Additionally, as the Delta variant spreads around the country, some founders are finding that they are having to once again make contingency plans.
“If you would have spoken to me two weeks ago, I would have said oh we would have had a ton of events, a party in October,” Masarin said. Now, she’s not so sure.
Square buys Afterpay
It’s an exciting time to be in the buy-now, pay-later space. On Sunday, Square announced that it’s acquiring Afterpay for $29 billion in an all-stock deal. It’s a new development in the ever-growing payments wars.
“Square and Afterpay have a shared purpose. We built our business to make the financial system more fair, accessible and inclusive, and Afterpay has built a trusted brand aligned with those principles,” Square CEO Jack Dorsey said in a statement announcing the acquisition.

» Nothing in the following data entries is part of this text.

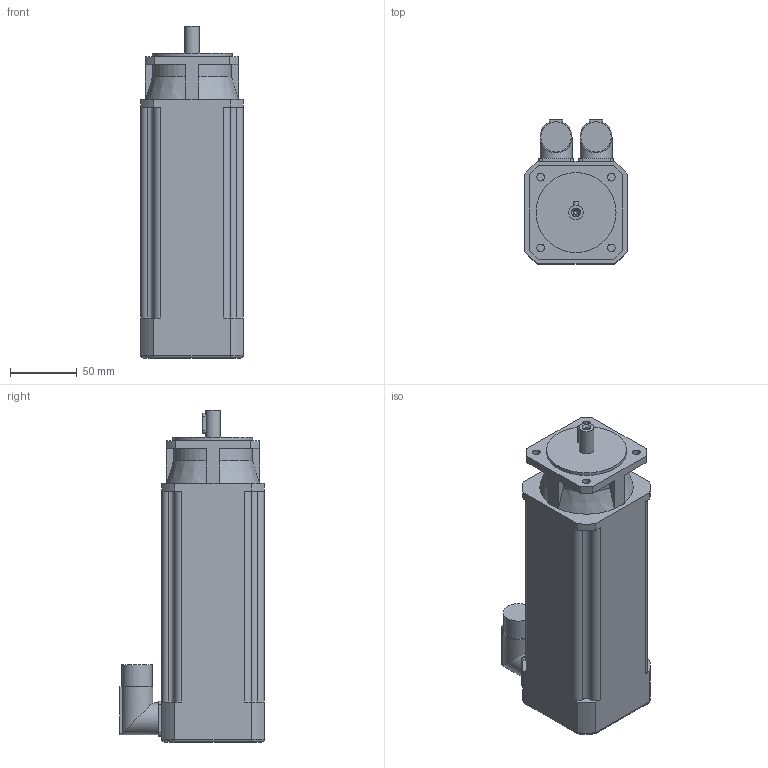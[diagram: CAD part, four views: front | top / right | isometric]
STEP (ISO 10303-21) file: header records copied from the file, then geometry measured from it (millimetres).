
FILE_DESCRIPTION(/* description */ (''),/* implementation_level */ '2;1');
FILE_NAME(/* name */ '\\Lafnas01\disegni\Archivi Lafert\3D\CAD 3D\MODELLI\Assiemi clienti\Serad\Modelli 3D Serad\B36I\Resolver\Res Without Brake\B3603Ixx6A052033.ipt.stp',/* time_stamp */ '2015-09-07T10:49:12+02:00',/* author */ ('Pastrello Ylenia'),/* organization */ (''),/* preprocessor_version */ 'ST-DEVELOPER v15.6',/* originating_system */ 'Autodesk Inventor 2015',/* authorisation */ '');
FILE_SCHEMA (('AUTOMOTIVE_DESIGN { 1 0 10303 214 3 1 1 }'));
Length unit declared in the file: millimetre
Products named in the file (1): B3603Ixx6A052033
Bounding box: 77 x 108.5 x 249 mm (x, y, z)
Volume: 1256915.7 mm3; surface area: 87966 mm2
Topology: 1 solids, 1 shells, 137 faces, 372 edges, 244 vertices
Faces by surface type: plane 66, cylinder 56, cone 11, torus 4
Full cylindrical faces by diameter (mm): 3.242 x1, 4.3 x1, 5.8 x4, 11 x1, 22.7 x2, 24 x2, 60 x1
Entity records: 4352 total; most frequent: CARTESIAN_POINT 890, DIRECTION 726, ORIENTED_EDGE 702, EDGE_CURVE 351, AXIS2_PLACEMENT_3D 259, VERTEX_POINT 239, LINE 208, VECTOR 208
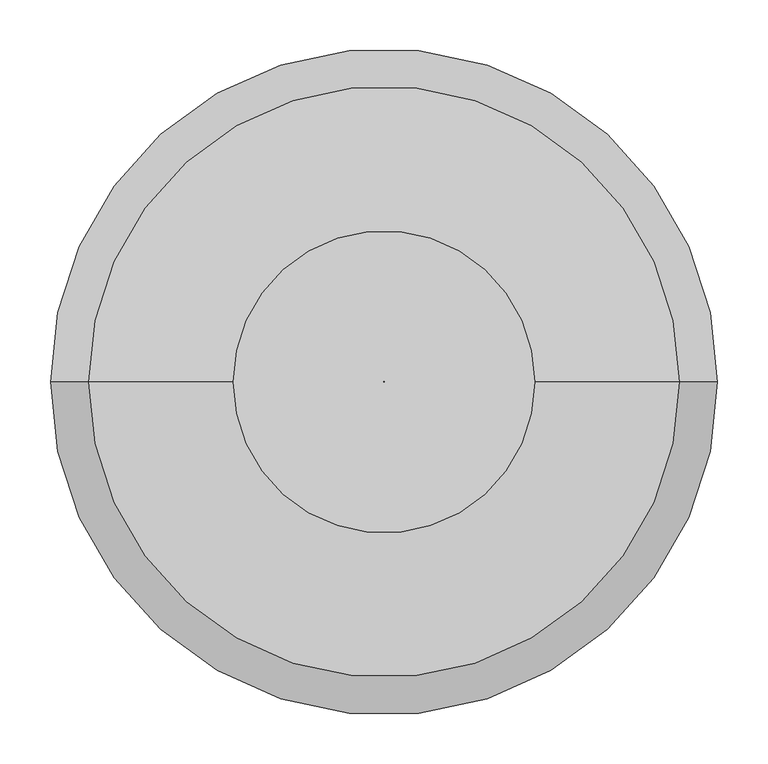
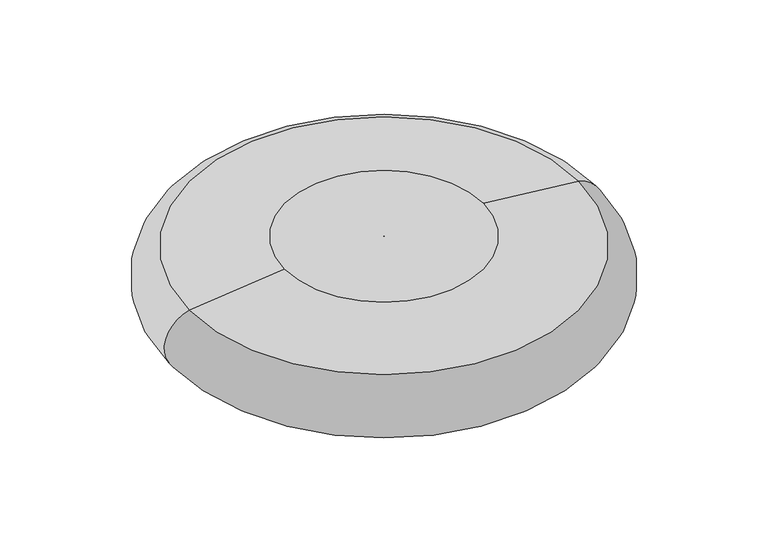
"""IFC4 building model written with IfcOpenShell, lengths in millimetres: proxy geometry, COJIN8 : COJIN."""

from ifc_helpers import new_model, si_unit, point, frame, origin, place, context, project, spatial, polyline, circle_curve, ellipse_curve, trimmed, source, transform, mapped, element, save
from ifc_brep_helpers import plane_surface, revolved_surface, advanced_brep


def generic_models_1510f7ba(model_context):
    return source(origin(), model_context, "Body", "AdvancedBrep", [
        advanced_brep(
        [(13127.448837, 9662.1600112, -501.6165305), (12542.2141856, 9662.1600112, -501.6165305), (12554.856693, 9662.1600112, -599.9918032), (13114.8063296, 9662.1600112, -599.9918032), (12984.3588643, 9662.1600112, -486.7804137), (12685.3041583, 9662.1600112, -486.7804137), (12835.148724, 9662.1600112, -599.9918032), (12834.5142986, 9662.1600112, -599.9918032), (12834.5142986, 9662.1600112, -486.7804137), (12835.148724, 9662.1600112, -486.7804137)],
        [
            (0, 1, circle_curve(frame((12834.8315113, 9662.1600112, -501.6165305), z_axis=(0.0, 0.0, -1.0), x_axis=(-1.0, 0.0, 0.0)), 292.6173257)),
            (1, 2, circle_curve(frame((12554.856693, 9662.1600112, -549.9918032), z_axis=(0.0, -1.0, 0.0), x_axis=(1.0, 0.0, 0.0)), 50.0)),
            (2, 3, circle_curve(frame((12834.8315113, 9662.1600112, -599.9918032), z_axis=(0.0, 0.0, 1.0), x_axis=(-1.0, 0.0, 0.0)), 279.9748183)),
            (3, 0, circle_curve(frame((13114.8063296, 9662.1600112, -549.9918032), z_axis=(0.0, -1.0, 0.0), x_axis=(-1.0, 0.0, 0.0)), 50.0)),
            (4, 5, circle_curve(frame((12834.8315113, 9662.1600112, -486.7804137), z_axis=(0.0, 0.0, -1.0), x_axis=(-1.0, 0.0, 0.0)), 149.527353)),
            (5, 1),
            (0, 4),
            (6, 7, circle_curve(frame((12834.8315113, 9662.1600112, -599.9918032), z_axis=(0.0, 0.0, -1.0), x_axis=(-1.0, 0.0, 0.0)), 0.3172127)),
            (7, 8),
            (8, 9, circle_curve(frame((12834.8315113, 9662.1600112, -486.7804137), z_axis=(0.0, 0.0, 1.0), x_axis=(-1.0, 0.0, 0.0)), 0.3172127)),
            (9, 6),
            (1, 0, circle_curve(frame((12834.8315113, 9662.1600112, -501.6165305), z_axis=(0.0, 0.0, -1.0), x_axis=(1.0, 0.0, 0.0)), 292.6173257)),
            (3, 2, circle_curve(frame((12834.8315113, 9662.1600112, -599.9918032), z_axis=(0.0, 0.0, 1.0), x_axis=(1.0, 0.0, 0.0)), 279.9748183)),
            (5, 4, circle_curve(frame((12834.8315113, 9662.1600112, -486.7804137), z_axis=(0.0, 0.0, -1.0), x_axis=(1.0, 0.0, 0.0)), 149.527353)),
            (8, 9, circle_curve(frame((12834.8315113, 9662.1600112, -486.7804137), z_axis=(0.0, 0.0, -1.0), x_axis=(1.0, 0.0, 0.0)), 0.3172127)),
            (7, 6, circle_curve(frame((12834.8315113, 9662.1600112, -599.9918032), z_axis=(0.0, 0.0, -1.0), x_axis=(1.0, 0.0, 0.0)), 0.3172127)),
        ],
        [
            revolved_surface(trimmed(ellipse_curve(frame((12554.856693, 9662.1600112, -549.9918032), z_axis=(0.0, 1.0, 0.0), x_axis=(1.0, 0.0, 0.0)), 50.0, 50.0), [point((12554.856693, 9662.1600112, -599.9918032))], [point((12542.2141856, 9662.1600112, -501.6165305))], True, "CARTESIAN"), (12834.8315113, 9662.1600112, 0.0), (0.0, 0.0, 1.0)),
            revolved_surface(polyline([(12542.2141856, 9662.1600112, -501.6165305), (12685.3041583, 9662.1600112, -486.7804137)]), (12834.8315113, 9662.1600112, 0.0), (0.0, 0.0, 1.0)),
            revolved_surface(polyline([(12834.514298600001, 9662.1600112, -486.7804137), (12834.514298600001, 9662.1600112, -599.9918032)]), (12834.8315113, 9662.1600112, 0.0), (0.0, 0.0, 1.0)),
            revolved_surface(trimmed(ellipse_curve(frame((13114.8063296, 9662.1600112, -549.9918032), z_axis=(0.0, -1.0, 0.0), x_axis=(-1.0, 0.0, 0.0)), 50.0, 50.0), [point((13114.8063296, 9662.1600112, -599.9918032))], [point((13127.448837, 9662.1600112, -501.6165305))], True, "CARTESIAN"), (12834.8315113, 9662.1600112, 0.0), (0.0, 0.0, 1.0)),
            revolved_surface(polyline([(13127.448837, 9662.1600112, -501.6165305), (12984.3588643, 9662.1600112, -486.7804137)]), (12834.8315113, 9662.1600112, 0.0), (0.0, 0.0, 1.0)),
            plane_surface(frame((12834.8315113, 9662.1600112, -486.7804137), z_axis=(0.0, 0.0, 1.0), x_axis=(1.0, 0.0, 0.0))),
            revolved_surface(polyline([(12835.148724, 9662.1600112, -486.7804137), (12835.148724, 9662.1600112, -599.9918032)]), (12834.8315113, 9662.1600112, 0.0), (0.0, 0.0, 1.0)),
            plane_surface(frame((12834.8315113, 9662.1600112, -599.9918032), z_axis=(0.0, 0.0, -1.0), x_axis=(1.0, 0.0, 0.0))),
        ],
        [
            (0, [[1, 2, 3, 4]]),
            (1, [[5, 6, -1, 7]]),
            (2, [[8, 9, 10, 11]]),
            (3, [[12, -4, 13, -2]]),
            (4, [[14, -7, -12, -6]]),
            (5, [[-14, -5], [15, -10]]),
            (6, [[16, -11, -15, -9]]),
            (7, [[-13, -3], [-16, -8]]),
        ],
    ),
    ])


if __name__ == "__main__":
    model = new_model("IFC4")
    model_context = context("Model", 3, world=origin())
    ifc_project = project(units=[si_unit("LENGTHUNIT", "METRE", prefix="MILLI")], contexts=[model_context])
    site = spatial("IfcSite", under=ifc_project)
    building = spatial("IfcBuilding", under=site)
    placement = place(None, origin())
    generic_models_shape = generic_models_1510f7ba(model_context)
    element("IfcBuildingElementProxy", 1, Name="COJIN8 : COJIN", ObjectType="COJIN8 : COJIN", at=placement, inside=building, context=model_context, shape_type="MappedRepresentation", body=[
        mapped(generic_models_shape, transform((0.0, 0.0, 0.0), x_axis=(1.0, 0.0, 0.0), y_axis=(0.0, 1.0, 0.0), z_axis=(0.0, 0.0, 1.0))),
    ])
    save(model, "model.ifc")
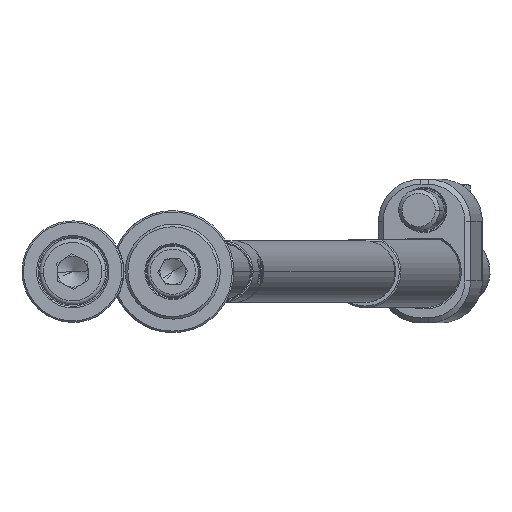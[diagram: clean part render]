
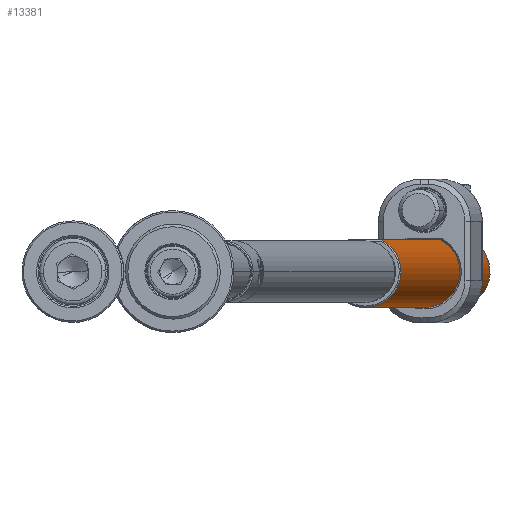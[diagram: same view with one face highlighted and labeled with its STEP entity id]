
A CAD part, front view. The second image highlights one B-rep face of the part: STEP entity #13381.
In plain terms, the highlighted cylindrical face has radius 7 mm (diameter 14 mm), a partial arc.
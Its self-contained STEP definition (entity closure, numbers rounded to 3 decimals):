
#555 = EDGE_CURVE ( 'NONE', #4462, #792, #14087, .T. ) ;
#693 = CARTESIAN_POINT ( 'NONE',  ( 5.78, -3.95, 9.275 ) ) ;
#792 = VERTEX_POINT ( 'NONE', #7894 ) ;
#995 = VERTEX_POINT ( 'NONE', #5182 ) ;
#1044 = EDGE_CURVE ( 'NONE', #4462, #3834, #14251, .T. ) ;
#1046 = CYLINDRICAL_SURFACE ( 'NONE', #11646, 7. ) ;
#1416 = CARTESIAN_POINT ( 'NONE',  ( 6.002, -3.604, 11.745 ) ) ;
#1558 = CARTESIAN_POINT ( 'NONE',  ( 5.876, -3.805, 8.752 ) ) ;
#1959 = VECTOR ( 'NONE', #4368, 1000. ) ;
#2122 = EDGE_CURVE ( 'NONE', #10967, #14265, #13225, .T. ) ;
#2189 = AXIS2_PLACEMENT_3D ( 'NONE', #7297, #12660, #2691 ) ;
#2328 = FACE_OUTER_BOUND ( 'NONE', #5246, .T. ) ;
#2459 = CARTESIAN_POINT ( 'NONE',  ( 6.1, -3.434, 12.052 ) ) ;
#2510 = VERTEX_POINT ( 'NONE', #14031 ) ;
#2691 = DIRECTION ( 'NONE',  ( 1., 0., 0. ) ) ;
#3178 = CARTESIAN_POINT ( 'NONE',  ( -7., 0., 200. ) ) ;
#3224 = CARTESIAN_POINT ( 'NONE',  ( 6.1, -3.434, 7.948 ) ) ;
#3834 = VERTEX_POINT ( 'NONE', #8389 ) ;
#3923 = CARTESIAN_POINT ( 'NONE',  ( 6.2, -3.25, 199.7 ) ) ;
#4067 = CARTESIAN_POINT ( 'NONE',  ( 6.1, -3.434, 12.052 ) ) ;
#4186 = CARTESIAN_POINT ( 'NONE',  ( 6.2, -3.25, 7.5 ) ) ;
#4223 = VERTEX_POINT ( 'NONE', #3923 ) ;
#4368 = DIRECTION ( 'NONE',  ( 0., 0., -1. ) ) ;
#4462 = VERTEX_POINT ( 'NONE', #4633 ) ;
#4517 = B_SPLINE_CURVE_WITH_KNOTS ( 'NONE', 3,
 ( #12470, #11386, #1416, #5875, #12207, #4981, #10673, #12688, #693, #1558, #10385, #7251, #12829, #5948 ),
 .UNSPECIFIED., .F., .F.,
 ( 4, 2, 2, 2, 2, 2, 4 ),
 ( 0., 0.001, 0.001, 0.003, 0.004, 0.004, 0.005 ),
 .UNSPECIFIED. ) ;
#4633 = CARTESIAN_POINT ( 'NONE',  ( 6.2, -3.25, 7.5 ) ) ;
#4981 = CARTESIAN_POINT ( 'NONE',  ( 5.781, -3.95, 10.729 ) ) ;
#5182 = CARTESIAN_POINT ( 'NONE',  ( -7., 0., 199.7 ) ) ;
#5205 = EDGE_CURVE ( 'NONE', #2510, #3834, #9166, .T. ) ;
#5246 = EDGE_LOOP ( 'NONE', ( #9023, #12393, #6261, #8579, #10918, #13735, #6921, #5433 ) ) ;
#5433 = ORIENTED_EDGE ( 'NONE', *, *, #8460, .F. ) ;
#5875 = CARTESIAN_POINT ( 'NONE',  ( 5.915, -3.744, 11.42 ) ) ;
#5921 = VECTOR ( 'NONE', #12485, 1000. ) ;
#5948 = CARTESIAN_POINT ( 'NONE',  ( 6.1, -3.434, 7.948 ) ) ;
#6261 = ORIENTED_EDGE ( 'NONE', *, *, #5205, .T. ) ;
#6338 = DIRECTION ( 'NONE',  ( 1., 0., 0. ) ) ;
#6395 = CARTESIAN_POINT ( 'NONE',  ( 6.131, -3.379, 7.796 ) ) ;
#6557 = CARTESIAN_POINT ( 'NONE',  ( 0., 0., 199.7 ) ) ;
#6577 = CARTESIAN_POINT ( 'NONE',  ( 6.2, -3.25, 200. ) ) ;
#6921 = ORIENTED_EDGE ( 'NONE', *, *, #2122, .T. ) ;
#7060 = CARTESIAN_POINT ( 'NONE',  ( 6.2, -3.25, 12.5 ) ) ;
#7251 = CARTESIAN_POINT ( 'NONE',  ( 6.001, -3.604, 8.256 ) ) ;
#7297 = CARTESIAN_POINT ( 'NONE',  ( 0., 0., 0.3 ) ) ;
#7636 = DIRECTION ( 'NONE',  ( 0., 0., -1. ) ) ;
#7862 = CARTESIAN_POINT ( 'NONE',  ( 6.164, -3.317, 12.354 ) ) ;
#7894 = CARTESIAN_POINT ( 'NONE',  ( 6.1, -3.434, 7.948 ) ) ;
#8142 = AXIS2_PLACEMENT_3D ( 'NONE', #6557, #9905, #6338 ) ;
#8154 = CIRCLE ( 'NONE', #8142, 7. ) ;
#8389 = CARTESIAN_POINT ( 'NONE',  ( 6.2, -3.25, 0.3 ) ) ;
#8460 = EDGE_CURVE ( 'NONE', #4223, #14265, #10037, .T. ) ;
#8579 = ORIENTED_EDGE ( 'NONE', *, *, #1044, .F. ) ;
#8679 = DIRECTION ( 'NONE',  ( 0., 0., -1. ) ) ;
#8819 = DIRECTION ( 'NONE',  ( -1., 0., 0. ) ) ;
#9023 = ORIENTED_EDGE ( 'NONE', *, *, #12162, .T. ) ;
#9166 = CIRCLE ( 'NONE', #2189, 7. ) ;
#9905 = DIRECTION ( 'NONE',  ( 0., 0., -1. ) ) ;
#10037 = LINE ( 'NONE', #12282, #5921 ) ;
#10062 = EDGE_CURVE ( 'NONE', #10967, #792, #4517, .T. ) ;
#10385 = CARTESIAN_POINT ( 'NONE',  ( 5.915, -3.744, 8.582 ) ) ;
#10673 = CARTESIAN_POINT ( 'NONE',  ( 5.745, -4., 10.372 ) ) ;
#10898 = CARTESIAN_POINT ( 'NONE',  ( 6.164, -3.317, 7.646 ) ) ;
#10918 = ORIENTED_EDGE ( 'NONE', *, *, #555, .T. ) ;
#10967 = VERTEX_POINT ( 'NONE', #4067 ) ;
#11009 = CARTESIAN_POINT ( 'NONE',  ( 0., 0., 200. ) ) ;
#11044 = EDGE_CURVE ( 'NONE', #995, #2510, #13161, .T. ) ;
#11386 = CARTESIAN_POINT ( 'NONE',  ( 6.049, -3.524, 11.901 ) ) ;
#11646 = AXIS2_PLACEMENT_3D ( 'NONE', #11009, #8679, #8819 ) ;
#12162 = EDGE_CURVE ( 'NONE', #4223, #995, #8154, .T. ) ;
#12207 = CARTESIAN_POINT ( 'NONE',  ( 5.876, -3.804, 11.25 ) ) ;
#12282 = CARTESIAN_POINT ( 'NONE',  ( 6.2, -3.25, 200. ) ) ;
#12393 = ORIENTED_EDGE ( 'NONE', *, *, #11044, .T. ) ;
#12470 = CARTESIAN_POINT ( 'NONE',  ( 6.1, -3.434, 12.052 ) ) ;
#12485 = DIRECTION ( 'NONE',  ( 0., 0., -1. ) ) ;
#12660 = DIRECTION ( 'NONE',  ( 0., 0., 1. ) ) ;
#12688 = CARTESIAN_POINT ( 'NONE',  ( 5.744, -4., 9.635 ) ) ;
#12829 = CARTESIAN_POINT ( 'NONE',  ( 6.049, -3.524, 8.099 ) ) ;
#13161 = LINE ( 'NONE', #3178, #13471 ) ;
#13225 = B_SPLINE_CURVE_WITH_KNOTS ( 'NONE', 3,
 ( #2459, #13450, #7862, #13519 ),
 .UNSPECIFIED., .F., .F.,
 ( 4, 4 ),
 ( 0., 0. ),
 .UNSPECIFIED. ) ;
#13381 = ADVANCED_FACE ( 'NONE', ( #2328 ), #1046, .T. ) ;
#13450 = CARTESIAN_POINT ( 'NONE',  ( 6.131, -3.379, 12.204 ) ) ;
#13471 = VECTOR ( 'NONE', #7636, 1000. ) ;
#13519 = CARTESIAN_POINT ( 'NONE',  ( 6.2, -3.25, 12.5 ) ) ;
#13735 = ORIENTED_EDGE ( 'NONE', *, *, #10062, .F. ) ;
#14031 = CARTESIAN_POINT ( 'NONE',  ( -7., 0., 0.3 ) ) ;
#14087 = B_SPLINE_CURVE_WITH_KNOTS ( 'NONE', 3,
 ( #4186, #10898, #6395, #3224 ),
 .UNSPECIFIED., .F., .F.,
 ( 4, 4 ),
 ( 0., 0. ),
 .UNSPECIFIED. ) ;
#14251 = LINE ( 'NONE', #6577, #1959 ) ;
#14265 = VERTEX_POINT ( 'NONE', #7060 ) ;
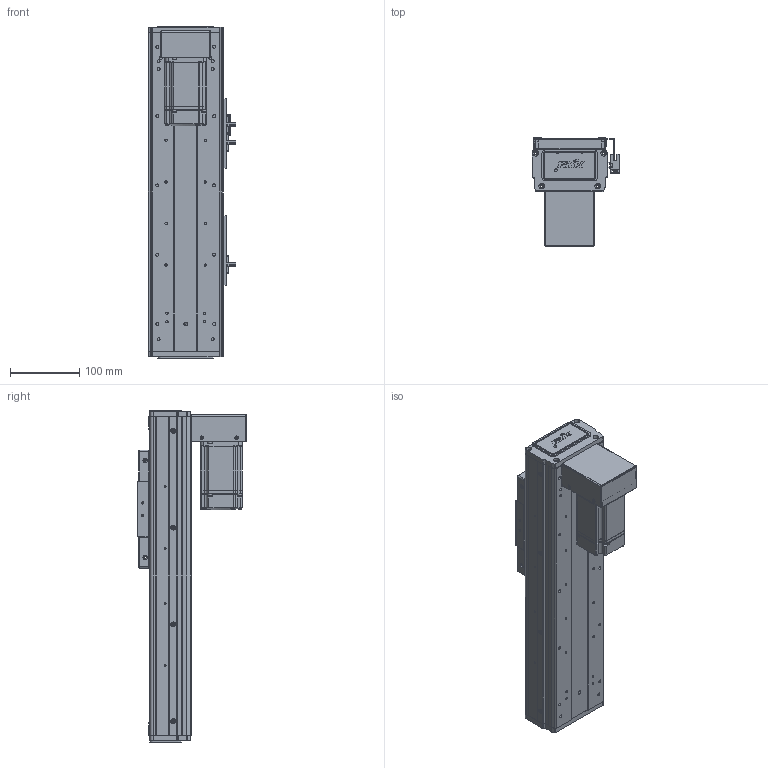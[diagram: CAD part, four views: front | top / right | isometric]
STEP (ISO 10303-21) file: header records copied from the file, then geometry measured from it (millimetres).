
FILE_DESCRIPTION (( 'STEP AP203' ), '1' );
FILE_NAME ('RY100FS-L1620-300-BK(15双轨).SLDASM_200.step', '2021-03-02T07:33:24', ( '盈信电脑' ), ( '东莞市道滘镇水果街19号' ), 'SwSTEP 2.0', 'SolidWorks 2012', '' );
FILE_SCHEMA (( 'CONFIG_CONTROL_DESIGN' ));
Length unit declared in the file: millimetre
Products named in the file (21): 1; RY100FS-L1620-300-BK(15邧寢).SLDASM_200; 滅袉蝶18-15; 蚥薯蝶紫輸; RY100FS-15双轨下折钢带安装板; RY100F-詩湍揤踡輸; RY100FS-双轨螺母座(16丝杆）; RY100FS-15邧寢狟殏萇儂欶; RY100FS-15邧寢狟殏萇儂啣; 覜茼ん672; 672嫖萇羲壽假蚾釱; RY100F-綴裔啣; RY80俋离覜茼え; 棠沺沭; RY100F-詩湍揤踡謫; RY100F-滅鳥裔啣; RY100F-詩湍幗謫粣; RY100FS-双轨铝滑块(上板）; RY100FS-300-BK15絳寢倰第奻裔啣_200; RY100FS-300-BK15邧寢祥凄詩湍_200; RY100FS-300-BK15絳寢倰第菁釱_200
Assembly tree (30 placements, depth 2):
  RY100FS-L1620-300-BK(15邧寢).SLDASM_200
    RY100FS-300-BK15絳寢倰第菁釱_200
    RY100FS-300-BK15絳寢倰第奻裔啣_200  x2
    RY100FS-300-BK15邧寢祥凄詩湍_200
    RY100FS-双轨铝滑块(上板）
    RY100F-滅鳥裔啣
    棠沺沭  x2
    RY100F-詩湍幗謫粣
    RY100F-詩湍揤踡謫  x2
    RY100F-綴裔啣  x2
    672嫖萇羲壽假蚾釱  x2
    RY80俋离覜茼え  x2
    覜茼ん672  x3
    RY100F-詩湍揤踡輸  x2
    RY100FS-双轨螺母座(16丝杆）
    RY100FS-15邧寢狟殏萇儂啣
    RY100FS-15邧寢狟殏萇儂欶
    蚥薯蝶紫輸
    RY100FS-15双轨下折钢带安装板
    滅袉蝶18-15  x2
    1
Bounding box: 126.2 x 158.5 x 479 mm (x, y, z)
Volume: 1592154.6 mm3; surface area: 626088.5 mm2
Topology: 30 solids, 30 shells, 2173 faces, 5880 edges, 3822 vertices
Faces by surface type: plane 1083, cylinder 922, cone 132, bspline 36
Entity records: 57652 total; most frequent: CARTESIAN_POINT 11662, DIRECTION 9135, ORIENTED_EDGE 9000, EDGE_CURVE 4500, AXIS2_PLACEMENT_3D 3191, VERTEX_POINT 2960, VECTOR 2753, LINE 2753

As my colleague Gabriela Barkho reported last February, Afterpay has spent the last year building out its in-store payment options. It’s inked partnerships with more than a few high-profile retailers, too, including Aritzia, Fabletics, Crocs and Forever 21. But, that doesn’t mean online brands aren’t involved. In fact, this acquisition is likely a way for Square and Afterpay alike to grow both their online and offline businesses. “I can envision plenty of opportunities for Square to promote Afterpay’s installment plans in stores (since it has so many payment processing relationships with merchants) and online (via merchants and also through Cash App),” Ted Rossman, senior industry analyst at CreditCards.com, wrote in an email.
Still, this doesn’t mean the war is over. Klarna, for example, announced last week that it’s acquiring Apprl, a platform that works with influencers and retailers. And Bloomberg reported earlier this month that Apple is working on its own buy-now, pay-later service with Goldman Sachs.
What I’m reading
- The Wall Street Journal looked into fast fashion app Shein — focusing on the company’s supply chain allows it to sell such inexpensive garments.
- Social media is now all about commerce. Retail Dive mapped out how the major players — like Facebook, Pinterest and Snap — are trying to compete more with online retailers.
- It was a big quarter for Shopify, to say the least. For the first time ever, its revenue surpassed $1 billion — that’s quite a milestone.
What we’ve covered
- Shapewear brands are rebranding their products as ideal for everyday wear, and getting into new categories like loungewear, as people’s wardrobes get more casual.
- Retailers are still using “staycation” messaging to promote new products, as they want people to keep investing in their homes even as travel ramps back up.
- Foxtrot CMO Carla Dunham stopped by the Modern Retail podcast to discuss the convenience store chain’s expansion plans.